Speaker
Description
The development of techniques based on machine learning (ML) relies on the availability of datasets. Many studies are carried out within the context of particular experiments, using e.g. their simulation data. This narrows down the possibilities for collaboration as well as publication, with only limited datasets published for open access.
This gap can be bridged with the datasets produced with the Open Data Detector (ODD), a detector designed for algorithm research and development. Its goal is to create a benchmark detector with public simulation data released and available for algorithm studies. Such data can be used for all the ongoing activities in the areas such as fast simulation or reconstruction.
The tracking system of the ODD is an evolution of the detector used in the successful Tracking Machine Learning Challenge, offering a more complex and realistic design. It is complemented with the granular calorimetry and will be completed with the muon system. The magnetic field in the detector can be created with a solenoid located either in front or behind the calorimeters, providing two alternative options for detector studies.

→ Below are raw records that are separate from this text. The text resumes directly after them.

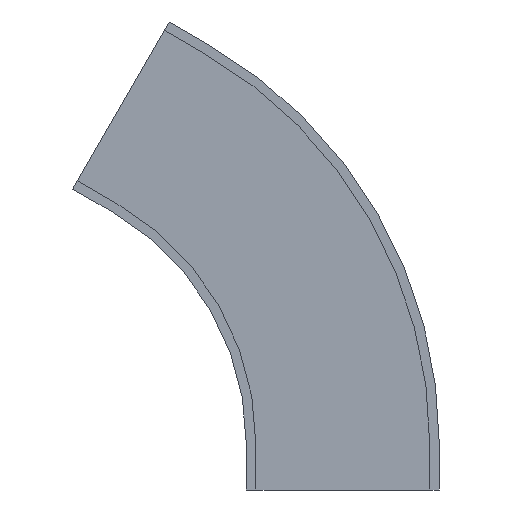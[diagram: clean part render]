
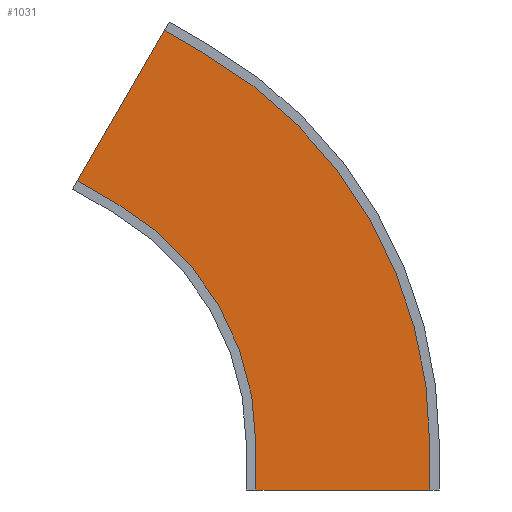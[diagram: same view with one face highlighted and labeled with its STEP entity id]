
A CAD part, front view. The second image highlights one B-rep face of the part: STEP entity #1031.
In plain terms, the highlighted planar face has unit normal (0, -1, 0).
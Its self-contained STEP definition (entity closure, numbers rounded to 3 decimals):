
#129 = CARTESIAN_POINT ( 'NONE',  ( 218.147, -68., 577.842 ) ) ;
#130 = DIRECTION ( 'NONE',  ( 0.5, 0., 0.866 ) ) ;
#131 = DIRECTION ( 'NONE',  ( -1., 0., 0. ) ) ;
#132 = DIRECTION ( 'NONE',  ( 0., 0., 1. ) ) ;
#133 = DIRECTION ( 'NONE',  ( -1., 0., 0. ) ) ;
#134 = DIRECTION ( 'NONE',  ( 0., 0., 1. ) ) ;
#136 = DIRECTION ( 'NONE',  ( -1., 0., 0. ) ) ;
#137 = DIRECTION ( 'NONE',  ( 0., 1., 0. ) ) ;
#146 = CARTESIAN_POINT ( 'NONE',  ( 0., -68., 0. ) ) ;
#148 = DIRECTION ( 'NONE',  ( 0.866, 0., -0.5 ) ) ;
#155 = CARTESIAN_POINT ( 'NONE',  ( 990.5, -68., -100. ) ) ;
#156 = CARTESIAN_POINT ( 'NONE',  ( 609.5, -68., -100. ) ) ;
#157 = DIRECTION ( 'NONE',  ( 0.866, 0., -0.5 ) ) ;
#158 = CARTESIAN_POINT ( 'NONE',  ( 0., -68., -100. ) ) ;
#159 = CARTESIAN_POINT ( 'NONE',  ( -86.603, -68., 50. ) ) ;
#160 = DIRECTION ( 'NONE',  ( 0., 1., 0. ) ) ;
#161 = CARTESIAN_POINT ( 'NONE',  ( 0., -68., 0. ) ) ;
#162 = CARTESIAN_POINT ( 'NONE',  ( 408.647, -68., 907.798 ) ) ;
#512 = DIRECTION ( 'NONE',  ( -1., 0., 0. ) ) ;
#513 = DIRECTION ( 'NONE',  ( 0., 1., 0. ) ) ;
#515 = PLANE ( 'NONE',  #1894 ) ;
#520 = CARTESIAN_POINT ( 'NONE',  ( 304.75, -68., 527.842 ) ) ;
#638 = EDGE_LOOP ( 'NONE', ( #861, #862, #863, #864, #865, #866, #867, #868 ) ) ;
#861 = ORIENTED_EDGE ( 'NONE', *, *, #911, .F. ) ;
#862 = ORIENTED_EDGE ( 'NONE', *, *, #912, .F. ) ;
#863 = ORIENTED_EDGE ( 'NONE', *, *, #913, .F. ) ;
#864 = ORIENTED_EDGE ( 'NONE', *, *, #914, .T. ) ;
#865 = ORIENTED_EDGE ( 'NONE', *, *, #908, .T. ) ;
#866 = ORIENTED_EDGE ( 'NONE', *, *, #915, .F. ) ;
#867 = ORIENTED_EDGE ( 'NONE', *, *, #916, .F. ) ;
#868 = ORIENTED_EDGE ( 'NONE', *, *, #917, .T. ) ;
#908 = EDGE_CURVE ( 'NONE', #1476, #1473, #1554, .T. ) ;
#911 = EDGE_CURVE ( 'NONE', #1470, #1483, #1559, .T. ) ;
#912 = EDGE_CURVE ( 'NONE', #1471, #1470, #1556, .T. ) ;
#913 = EDGE_CURVE ( 'NONE', #1469, #1471, #1561, .T. ) ;
#914 = EDGE_CURVE ( 'NONE', #1469, #1476, #1564, .T. ) ;
#915 = EDGE_CURVE ( 'NONE', #1472, #1473, #1566, .T. ) ;
#916 = EDGE_CURVE ( 'NONE', #1466, #1472, #1562, .T. ) ;
#917 = EDGE_CURVE ( 'NONE', #1466, #1483, #1570, .T. ) ;
#1031 = ADVANCED_FACE ( 'NONE', ( #1743 ), #515, .F. ) ;
#1109 = CARTESIAN_POINT ( 'NONE',  ( 990.5, -68., -100. ) ) ;
#1112 = CARTESIAN_POINT ( 'NONE',  ( 218.147, -68., 577.842 ) ) ;
#1113 = CARTESIAN_POINT ( 'NONE',  ( 495.25, -68., 857.798 ) ) ;
#1114 = CARTESIAN_POINT ( 'NONE',  ( 408.647, -68., 907.798 ) ) ;
#1115 = CARTESIAN_POINT ( 'NONE',  ( 609.5, -68., -100. ) ) ;
#1116 = CARTESIAN_POINT ( 'NONE',  ( 609.5, -68., 0. ) ) ;
#1119 = CARTESIAN_POINT ( 'NONE',  ( 304.75, -68., 527.842 ) ) ;
#1126 = CARTESIAN_POINT ( 'NONE',  ( 990.5, -68., 0. ) ) ;
#1254 = AXIS2_PLACEMENT_3D ( 'NONE', #146, #137, #136 ) ;
#1255 = AXIS2_PLACEMENT_3D ( 'NONE', #161, #160, #131 ) ;
#1466 = VERTEX_POINT ( 'NONE', #1109 ) ;
#1469 = VERTEX_POINT ( 'NONE', #1112 ) ;
#1470 = VERTEX_POINT ( 'NONE', #1113 ) ;
#1471 = VERTEX_POINT ( 'NONE', #1114 ) ;
#1472 = VERTEX_POINT ( 'NONE', #1115 ) ;
#1473 = VERTEX_POINT ( 'NONE', #1116 ) ;
#1476 = VERTEX_POINT ( 'NONE', #1119 ) ;
#1483 = VERTEX_POINT ( 'NONE', #1126 ) ;
#1554 = CIRCLE ( 'NONE', #1254, 609.5 ) ;
#1556 = LINE ( 'NONE', #162, #1563 ) ;
#1559 = CIRCLE ( 'NONE', #1255, 990.5 ) ;
#1561 = LINE ( 'NONE', #159, #1565 ) ;
#1562 = LINE ( 'NONE', #158, #1571 ) ;
#1563 = VECTOR ( 'NONE', #148, 1000. ) ;
#1564 = LINE ( 'NONE', #129, #1567 ) ;
#1565 = VECTOR ( 'NONE', #130, 1000. ) ;
#1566 = LINE ( 'NONE', #156, #1569 ) ;
#1567 = VECTOR ( 'NONE', #157, 1000. ) ;
#1569 = VECTOR ( 'NONE', #134, 1000. ) ;
#1570 = LINE ( 'NONE', #155, #1573 ) ;
#1571 = VECTOR ( 'NONE', #133, 1000. ) ;
#1573 = VECTOR ( 'NONE', #132, 1000. ) ;
#1743 = FACE_OUTER_BOUND ( 'NONE', #638, .T. ) ;
#1894 = AXIS2_PLACEMENT_3D ( 'NONE', #520, #513, #512 ) ;

The Calo Challenge, the first ML challenge focused on the development of the ML fast shower simulation, provided valuable feedback regarding the dataset for the ML-based fast simulation studies. Different representation of shower data is among the most important features of the ODD dataset. This should avoid bias towards the choice of the ML architecture. A wider range of particles and wider pseudorapidity coverage will present a more realistic complexity of the problem that experiments face. Ultimately, the ODD dataset users will be provided with the possibility of inserting their models inside the simulation framework, thus allowing a fair comparison of full and fast simulation in terms of accuracy as well as time and memory performance.